Everything nexBash does in combat comes down to one idea: on each game prompt it walks a priority lane top-to-bottom and uses the first action that is legal right now. This page explains that loop, and where the idea of "rules" fits.

The pieces

PieceWhat it is
ActionOne ability: { id, queue, canExecute(ctx), execute(ctx) }. canExecute is a pure yes/no gate; execute returns the command(s) to send.
LaneA curated, ordered list of actions. The order is the priority. nexBash classes have a primary lane and (usually) a battlerage lane.
StrategyA class expressed as data: its lanes plus a small config object. See Strategies.
Context (ctx)A fresh, per-prompt bundle of answers — derived tactical facts and player-state predicates — that every gate reads.
SelectorThe "first-valid" walk over a lane that produces the chosen action.

The loop

On every prompt, while in combat:

  1. nexBash builds a fresh decision context for this instant.
  2. It walks the active strategy's primary lane in order.
  3. For each action it asks canExecute(ctx). The first action that answers true is chosen; the rest are skipped.
  4. The chosen action's execute(ctx) produces a command, which nexBash queues.
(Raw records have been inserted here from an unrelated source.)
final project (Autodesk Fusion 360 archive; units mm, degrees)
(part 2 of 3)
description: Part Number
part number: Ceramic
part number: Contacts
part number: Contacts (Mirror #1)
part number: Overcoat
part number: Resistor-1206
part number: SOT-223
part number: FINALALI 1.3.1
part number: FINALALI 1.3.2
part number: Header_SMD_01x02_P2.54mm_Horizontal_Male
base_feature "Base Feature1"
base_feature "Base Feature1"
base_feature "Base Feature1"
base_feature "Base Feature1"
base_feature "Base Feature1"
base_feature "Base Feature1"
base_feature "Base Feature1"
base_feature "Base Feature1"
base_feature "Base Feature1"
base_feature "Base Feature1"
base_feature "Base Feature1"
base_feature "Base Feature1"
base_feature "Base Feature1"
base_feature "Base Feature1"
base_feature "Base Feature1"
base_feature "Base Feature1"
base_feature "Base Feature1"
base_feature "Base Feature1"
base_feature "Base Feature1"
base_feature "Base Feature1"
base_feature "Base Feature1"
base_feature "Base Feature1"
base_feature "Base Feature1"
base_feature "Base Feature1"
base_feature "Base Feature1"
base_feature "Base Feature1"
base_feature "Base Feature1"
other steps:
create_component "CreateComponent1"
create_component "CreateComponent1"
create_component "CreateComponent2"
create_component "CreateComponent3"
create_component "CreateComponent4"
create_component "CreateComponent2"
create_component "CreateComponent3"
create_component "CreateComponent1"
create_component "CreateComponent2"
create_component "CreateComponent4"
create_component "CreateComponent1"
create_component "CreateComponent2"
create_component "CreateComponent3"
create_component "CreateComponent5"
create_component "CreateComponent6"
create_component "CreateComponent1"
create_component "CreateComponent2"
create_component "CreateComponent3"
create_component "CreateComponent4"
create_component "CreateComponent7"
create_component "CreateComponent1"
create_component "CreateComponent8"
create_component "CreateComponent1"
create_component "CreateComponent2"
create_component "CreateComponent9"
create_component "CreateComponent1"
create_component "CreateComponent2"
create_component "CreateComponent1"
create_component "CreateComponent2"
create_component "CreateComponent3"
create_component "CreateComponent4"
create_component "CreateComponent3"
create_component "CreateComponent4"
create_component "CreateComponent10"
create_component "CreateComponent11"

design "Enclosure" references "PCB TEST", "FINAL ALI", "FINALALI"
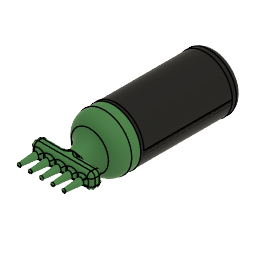
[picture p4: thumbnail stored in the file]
parameter "CLEARANCE" = 0.3
parameter "circle_1" = 54
parameter "fillet" = 10
parameter "d265" = 3
parameter "d322" = 7
sketch "Sketch1" plane through (0, 0, 0) normal (1, 0, 0) x axis (0, 1, 0)
  line L1 (-56, 12.5) -> (-56, 0)
  line L2 (-44, 12.5) -> (-56, 12.5)
  line L3 (-44, 27) -> (-44, 12.5)
  line L4 (56, 27) -> (-44, 27)
  line L5 (56, 0) -> (56, 27)
  line L6 (-56, 0) -> (56, 0)
  line L7 (46, 17) -> (46, 27)
  line L8 (56, 17) -> (46, 17)
  line L9 (-56, 12.5) -> (-44, 12.5)
  line L10 (-56, 27) -> (-56, 12.5)
  line L11 (-44, 27) -> (-56, 27)
  line L12 (-44, 12.5) -> (-44, 27)
  line L13 (55, 16.9) -> (55, 17)
  line L14 (56, 16.9) -> (55, 16.9)
  point P1 (0, 0)
  point P8 (46, 27)
  point P10 (56, 17)
  point P14 (55, 17)
  point P16 (56, 16.9)
  point P6 (56, 27)
  point P7 (56, 0)
  point P2 (-56, 0)
  point P3 (-56, 12.5)
  point P5 (-44, 27)
  point P9 (46, 17)
  point P15 (55, 16.9)
  vertical L1
  perpendicular L1 L2
  perpendicular L2 L3
  perpendicular L3 L4
  perpendicular L4 L5
  perpendicular L1 L6
  midpoint P1 L6
  coincident L4 P8
  perpendicular L4 L7
  coincident L5 P10
  perpendicular L5 L8
  horizontal L9
  vertical L10
  horizontal L11
  vertical L12
  collinear L1 L10
  collinear L4 L11
  coincident L8 P14
  perpendicular L8 L13
  coincident L5 P16
  perpendicular L5 L14
  dimension "d1" distance P6 P7 = 27
  dimension "d2" distance P2 P3 = 12.5 (= "( 25 / 2 ) * 1 mm")
  dimension "d3" distance L1 L3 = 12
  dimension "d4" distance P5 P6 = 100
  dimension "d5" distance P9 P10 = 10
  dimension "d79" distance P15 P16 = 1
  dimension "d80" distance P14 P15 = 0.1
  dimension "d173" distance P7 L8 = 17
revolve "Revolve1" sketch "Sketch1" AlongAngle 360
revolve "Revolve2" sketch "Sketch1" AlongAngle 360 bodies "back cover"
shell "Shell1" innerThickness 3
split "Split1"
split "Split2"
split "Split3" bodies "top cover"
combine "Combine2"
sketch "Sketch2" plane through (0, 46, 0) normal (0, 1, 0) x axis (-1, 0, 0)
  line L1 (-27, 0) -> (-24, 0)
  line L2 (24, 0) -> (27, 0)
  line L3 (0, -27) -> (0, 24)
  line L4 (-24.955, -1.5) -> (-25.9052, -2.2186)
  line L5 (-24.5605, -4.6669) -> (-25.658, -4.2033)
  line L6 (0, 0) -> (-26.793, -3.3369)
  line L7 (24.955, -1.5) -> (25.9052, -2.2186)
  line L8 (24.5605, -4.6669) -> (25.658, -4.2033)
  line L9 (-23.5661, -4.543) -> (-24.5605, -4.6669)
  line L10 (23.5661, -4.543) -> (24.5605, -4.6669)
  arc A1 centre (0, 0) radius 24 clockwise from (-24, 0) to (24, 0)
  arc A2 centre (0, 0) radius 27 clockwise from (27, 0) to (-27, 0)
  circle C1 centre (0, 0) radius 17
  circle C2 centre (0, 0) radius 24
  circle C3 centre (0, 0) radius 23.5
  circle C4 centre (0, 0) radius 25
  circle C5 centre (0, 0) radius 26
  point P7 (0, 24)
  point P8 (0, -27)
  point P3 (-24, 0)
  point P13 (-25.9052, -2.2186)
  point P14 (-24.955, -1.5)
  point P15 (-25.658, -4.2033)
  point P16 (-24.5605, -4.6669)
  point P17 (-26.793, -3.3369)
  point P4 (0, 0)
  point P18 (0, 0)
  point P19 (25.9052, -2.2186)
  point P20 (24.955, -1.5)
  point P21 (25.658, -4.2033)
  point P22 (24.5605, -4.6669)
  point P23 (-23.5661, -4.543)
  point P24 (24.5605, -4.6669)
  point P25 (23.5661, -4.543)
  midpoint A1 P7
  midpoint A2 P8
  concentric A1 C2
  coincident P3 C2
  concentric A1 C3
  concentric A1 C4
  concentric C4 C5
  coincident C5 P13
  coincident C4 P14
  coincident C5 P15
  coincident C4 P16
  coincident A2 P17
  coincident P4 P18
  symmetric L4 L5 L6
  symmetric L3 P13 P19
  symmetric L3 P14 P20
  symmetric L3 P15 P21
  symmetric L3 P16 P22
  coincident C2 P23
  parallel L6 L9
  symmetric L3 P16 P24
  symmetric L3 P23 P25
  dimension "d10" distance C2 C4 = 1
  dimension "d11" distance A2 C5 = 1
  dimension "d12" distance P13 P15 = 2
  dimension "d13" angle L5 L6 = 30
  dimension "d14" distance L1 P14 = 1.5
extrude "Extrude1" add sketch "Sketch2" profile of L1 L2 C2 C4 C5 L4 L5 L7 L8 L9 L10 to an object
extrude "Extrude2" add sketch "Sketch2" profile of A1 L1 L2 C2 C4 along normal blind 1.5
extrude "Extrude3" of existing geometry blind -1.5
combine "Combine3"
extrude "Extrude4" add sketch "Sketch2" profile of C2 C4 L9 L10 along normal blind 1.5
extrude "Extrude5" cut sketch "Sketch2" profile of A1 L1 L2 C2 C4 L9 L10 along normal blind 1.8
offset_faces "OffsetFaces1"
offset_faces "OffsetFaces2"
offset_faces "OffsetFaces3"
extrude "Extrude6" add sketch "Sketch2" profile of L1 L2 C2 C4 L9 L10 to an object
thread "Thread4" ThreadOffset 0 ThreadLength 10
combine "Combine4"
offset_faces "OffsetFaces12" distance -0.3
thread "Thread9" ThreadOffset 0 ThreadLength 10
sketch "Sketch10" plane through (0, -41, 0) normal (0, 1, 0) x axis (-1, 0, 0)
  line L1 (-26.2177, -2.0789) -> (-25.2636, -1.3573)
  line L2 (-24.6032, -4.9745) -> (-25.9267, -4.4154)
  line L3 (-23.5073, -4.838) -> (-24.6032, -4.9745)
  line L4 (25.1559, -4.741) -> (23.5661, -4.543)
  line L5 (25.9267, -4.4154) -> (25.1559, -4.741)
  line L6 (25.2636, -1.3573) -> (26.2177, -2.0789)
  line L7 (23.6981, -0.3) -> (25.2982, -0.3)
  line L8 (-25.2982, -0.3) -> (-23.6981, -0.3)
  line L9 (-1, 9.4472) -> (1, 9.4472)
  line L10 (-1, -9.4472) -> (-1, 9.4472)
  line L11 (1, -9.4472) -> (-1, -9.4472)
  line L12 (1, 9.4472) -> (1, -9.4472)
  line L13 (-1, -9.4472) -> (1, 9.4472)
  line L14 (1, -9.4472) -> (-1, 9.4472)
  circle C1 centre (0, 0) radius 9.5
  arc A1 centre (0, 0) radius 26.3 clockwise from (-25.9267, -4.4154) to (-26.2177, -2.0789)
  arc A2 centre (0, 0) radius 24 clockwise from (23.5661, -4.543) to (-23.5073, -4.838)
  arc A3 centre (0, 0) radius 26.3 clockwise from (26.2177, -2.0789) to (25.9267, -4.4154)
  arc A4 centre (0, 0) radius 25.3 clockwise from (25.2982, -0.3) to (25.2636, -1.3573)
  arc A5 centre (0, 0) radius 23.7 clockwise from (-23.6981, -0.3) to (23.6981, -0.3)
  arc A6 centre (0, 0) radius 25.3 clockwise from (-25.2636, -1.3573) to (-25.2982, -0.3)
  circle C2 centre (4.2, 0) radius 2.5
  circle C3 centre (4.2, 0) radius 1.25
  point P21 (0, 0)
  point P17 (1, 9.4472)
  point P2 (0, 0)
  point P19 (-1, -9.4472)
  point P20 (1, -9.4472)
  horizontal L9
  perpendicular L9 L10
  parallel L9 L11
  parallel L10 L12
  coincident L13 P21
  coincident L14 P21
  coincident C1 P17
  coincident P2 P21
  concentric C2 C3
  dimension "d106" distance P19 P20 = 2
  dimension "d111" diameter C2 = 5
  dimension "d117" diameter C3 = 2.5
extrude "Extrude14" add sketch "Sketch10" profile of C1 L9 L10 L11 L12 against normal blind 15
extrude "Extrude15" add sketch "Sketch10" profile of C1 L12 against normal blind 5
sketch "Sketch11" plane through (0, -41, 0) normal (0, 1, 0) x axis (-1, 0, 0)
  circle C1 centre (4.1977, -0.018) radius 1.25
  dimension "d114" diameter C1 = 2.5
extrude "Extrude17" cut sketch "Sketch11" against normal blind 15.8
mirror "Mirror1" mirrorStitchTolerance 0.1
sketch "Sketch12" plane through (0, -41, 0) normal (0, 1, 0) x axis (-1, 0, 0)
  line L1 (-24.6032, -4.9745) -> (-25.9267, -4.4154)
  line L2 (-23.5073, -4.838) -> (-24.6032, -4.9745)
  line L3 (25.1559, -4.741) -> (23.5661, -4.543)
  line L4 (25.9267, -4.4154) -> (25.1559, -4.741)
  line L5 (25.2636, -1.3573) -> (26.2177, -2.0789)
  line L6 (23.6981, -0.3) -> (25.2982, -0.3)
  line L7 (-25.2982, -0.3) -> (-23.6981, -0.3)
  line L8 (-26.2177, -2.0789) -> (-25.2636, -1.3573)
  circle C1 centre (4.1977, -0.018) radius 1.25
  circle C2 centre (-4.1977, -0.018) radius 1.25
  arc A1 centre (0, 0) radius 24 clockwise from (23.5661, -4.543) to (-23.5073, -4.838)
  arc A2 centre (0, 0) radius 26.3 clockwise from (26.2177, -2.0789) to (25.9267, -4.4154)
  arc A3 centre (0, 0) radius 25.3 clockwise from (25.2982, -0.3) to (25.2636, -1.3573)
  arc A4 centre (0, 0) radius 23.7 clockwise from (-23.6981, -0.3) to (23.6981, -0.3)
  arc A5 centre (0, 0) radius 25.3 clockwise from (-25.2636, -1.3573) to (-25.2982, -0.3)
  arc A6 centre (0, 0) radius 26.3 clockwise from (-25.9267, -4.4154) to (-26.2177, -2.0789)
  circle C3 centre (-4.1977, -0.018) radius 2.5
  concentric C2 C3
  dimension "d122" diameter C3 = 5
extrude "Extrude19" add sketch "Sketch12" profile of C2 C3 along normal blind 10
sketch "Sketch13" plane through (0, -41, 0) normal (0, 1, 0) x axis (-1, 0, 0)
  line L1 (-24.6032, -4.9745) -> (-25.9267, -4.4154)
  line L2 (-23.5073, -4.838) -> (-24.6032, -4.9745)
  line L3 (25.1559, -4.741) -> (23.5661, -4.543)
  line L4 (25.9267, -4.4154) -> (25.1559, -4.741)
  line L5 (25.2636, -1.3573) -> (26.2177, -2.0789)
  line L6 (23.6981, -0.3) -> (25.2982, -0.3)
  line L7 (-25.2982, -0.3) -> (-23.6981, -0.3)
  line L8 (-26.2177, -2.0789) -> (-25.2636, -1.3573)
  arc A1 centre (0, 0) radius 24 clockwise from (23.5661, -4.543) to (-23.5073, -4.838)
  arc A2 centre (0, 0) radius 26.3 clockwise from (26.2177, -2.0789) to (25.9267, -4.4154)
  arc A3 centre (0, 0) radius 25.3 clockwise from (25.2982, -0.3) to (25.2636, -1.3573)
  arc A4 centre (0, 0) radius 23.7 clockwise from (-23.6981, -0.3) to (23.6981, -0.3)
  arc A5 centre (0, 0) radius 25.3 clockwise from (-25.2636, -1.3573) to (-25.2982, -0.3)
  arc A6 centre (0, 0) radius 26.3 clockwise from (-25.9267, -4.4154) to (-26.2177, -2.0789)
  circle C1 centre (4.1977, -0.018) radius 1.25
  circle C2 centre (4.1977, -0.018) radius 2.5
  circle C3 centre (-4.1977, -0.018) radius 2.5
  concentric C1 C2
  dimension "d127" diameter C2 = 5
extrude "Extrude20" add sketch "Sketch13" profile of C1 C2 along normal blind 10
fillet "Fillet11" radius 3
sketch "Sketch14" plane through (0, 56, 0) normal (0, 1, 0) x axis (-1, 0, 0)
  line L1 (-10.15, 2.015) -> (10.15, 2.015)
  line L2 (-10.15, -2.015) -> (-10.15, 2.015)
  line L3 (10.15, -2.015) -> (-10.15, -2.015)
  line L4 (10.15, 2.015) -> (10.15, -2.015)
  line L5 (-10.15, -2.015) -> (10.15, 2.015)
  line L6 (10.15, -2.015) -> (-10.15, 2.015)
  circle C1 centre (0, 0) radius 16.9
  point P7 (0, 0)
  point P1 (0, 0)
  point P5 (-10.15, -2.015)
  point P6 (10.15, -2.015)
  point P4 (-10.15, 2.015)
  horizontal L1
  perpendicular L1 L2
  parallel L1 L3
  parallel L2 L4
  coincident L5 P7
  coincident L6 P7
  coincident P1 P7
  dimension "d134" distance P5 P6 = 20.3
  dimension "d135" distance P4 P5 = 4.03
extrude "Extrude21" cut sketch "Sketch14" profile of L1 L2 L3 L4 against normal blind 35
fillet "Fillet12" radius 2
chamfer "Chamfer4" distance 1
sketch "Sketch15" plane through (0, -44, 0) normal (0, -1, 0) x axis (1, 0, 0)
  curve K1 (4.9507, -9.5814) -> (7.7632, 9.8383)
  curve K2 (-3.6675, 11.9837) -> (-8.088, -7.1342)
  line L1 (0, 27) -> (0, 0)
  line L2 (0, -27) -> (0, 0)
  line L3 (1, -13.5) -> (-1, -13.5)
  line L4 (2, -23) -> (2, -14.5)
  line L5 (-1, -24) -> (1, -24)
  line L6 (-2, -14.5) -> (-2, -23)
  line L7 (2, -16) -> (-2, -16)
  line L8 (2, -22) -> (-2, -22)
  line L9 (1, -23) -> (-1, -23)
  line L10 (1, -14.5) -> (-1, -14.5)
  arc A1 centre (0, 0) radius 12.5324 clockwise from (-3.6675, 11.9837) to (7.7632, 9.8383)
  arc A2 centre (0, 0) radius 10.7848 clockwise from (4.9507, -9.5814) to (-8.088, -7.1342)
  circle C1 centre (0, 0) radius 27
  circle C2 centre (0, 0) radius 18
  circle C3 centre (0, 0) radius 20
  circle C4 centre (0, 0) radius 27
  circle C5 centre (0, 0) radius 16
  circle C6 centre (0, 0) radius 22
  arc A3 centre (-1, -14.5) radius 1 clockwise from (-2, -14.5) to (-1, -13.5)
  arc A4 centre (1, -14.5) radius 1 clockwise from (1, -13.5) to (2, -14.5)
  arc A5 centre (1, -23) radius 1 clockwise from (2, -23) to (1, -24)
  arc A6 centre (-1, -23) radius 1 clockwise from (-1, -24) to (-2, -23)
  circle C7 centre (0, -23) radius 0.45
  circle C8 centre (0, -14.5) radius 0.45
  point P1 (0, 0)
  point P7 (0, 0)
  point P8 (0, 0)
  point P12 (0, 0)
  point P13 (0, 27)
  point P14 (0, -27)
  point P15 (-2, -16)
  point P16 (2, -16)
  point P17 (-2, -22)
  point P18 (2, -22)
  point P30 (-1, -23)
  point P31 (-1, -23)
  point P27 (1, -23)
  point P32 (1, -23)
  point P33 (0, -23)
  point P21 (-1, -14.5)
  point P34 (-1, -14.5)
  point P24 (1, -14.5)
  point P35 (1, -14.5)
  point P36 (0, -14.5)
  coincident P1 P7
  coincident P1 P8
  concentric C2 C5
  coincident P7 P12
  coincident C4 P13
  vertical L1
  coincident C4 P14
  vertical L2
  horizontal L3
  vertical L4
  horizontal L5
  vertical L6
  symmetric L2 L4 L6
  coincident L6 P15
  coincident L4 P16
  perpendicular L4 L7
  coincident L6 P17
  coincident L4 P18
  perpendicular L4 L8
  tangent C5 L7
  tangent C6 L8
  tangent L3 A3
  tangent L6 A3
  tangent L3 A4
  tangent L4 A4
  equal A3 A4
  tangent L4 A5
  tangent L5 A5
  equal A3 A5
  tangent L5 A6
  tangent L6 A6
  equal A3 A6
  coincident P30 P31
  coincident P27 P32
  midpoint L9 P33
  coincident P21 P34
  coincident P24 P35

The battlerage lane runs the same way on its own trigger (rage/freerage changes). See Battlerage.

Execution Machine

The prompt-level combat decision loop runs entirely within the combat state of the core state machine. To see how combat fits into the overall room-navigation and player-detection loop, see the Overview for the complete visual state chart.

Because selection is a fresh walk every prompt, priority is an order of preference, not a fixed script: a high-priority ability that isn't currently legal (off balance, wrong target state, a resisted damage type) is passed over in favor of the next valid one, automatically.

The decision context

canExecute(ctx) is the entire "brain" of an action, and it is pure — it reads only the context, never host globals, and has no side effects. The context is the single place that reads nexSys, nexGui, GMCP, and the target model and turns them into answers. The most useful fields:

FieldMeaning
ctx.targetActive target facts: id, name, hp (0–100%), shielded, shouldCC, cc, resistances, damageTypes, damage, canHeal.
ctx.hasTarget / ctx.targetCountWhether a target exists and how many mobs are in the room.
ctx.aoeTargetIdsUnshielded mob ids — the candidates for multi-target abilities.
ctx.hitsToKill / ctx.killableThisHitEstimated hits to finish the target (Infinity if unknown).
ctx.partyParty members, leader, size, isMember, isLeader.
ctx.haveAff / ctx.haveAnyAff / ctx.haveDef / ctx.haveBal / ctx.isClassPlayer-state predicates that delegate live to nexSys4.
ctx.selfHp / ctx.selfManaSelf vitals as 0–1 ratios.
ctx.rage / ctx.spark / ctx.transcendenceClass resource pools.
ctx.battlerageBattlerage facts: balance, freerage, matic, the buffers, razeReady.
ctx.roomcanFly, canBurrow, fleeDirection for movement defences.
ctx.configThe player option flags plus the area targetThreshold.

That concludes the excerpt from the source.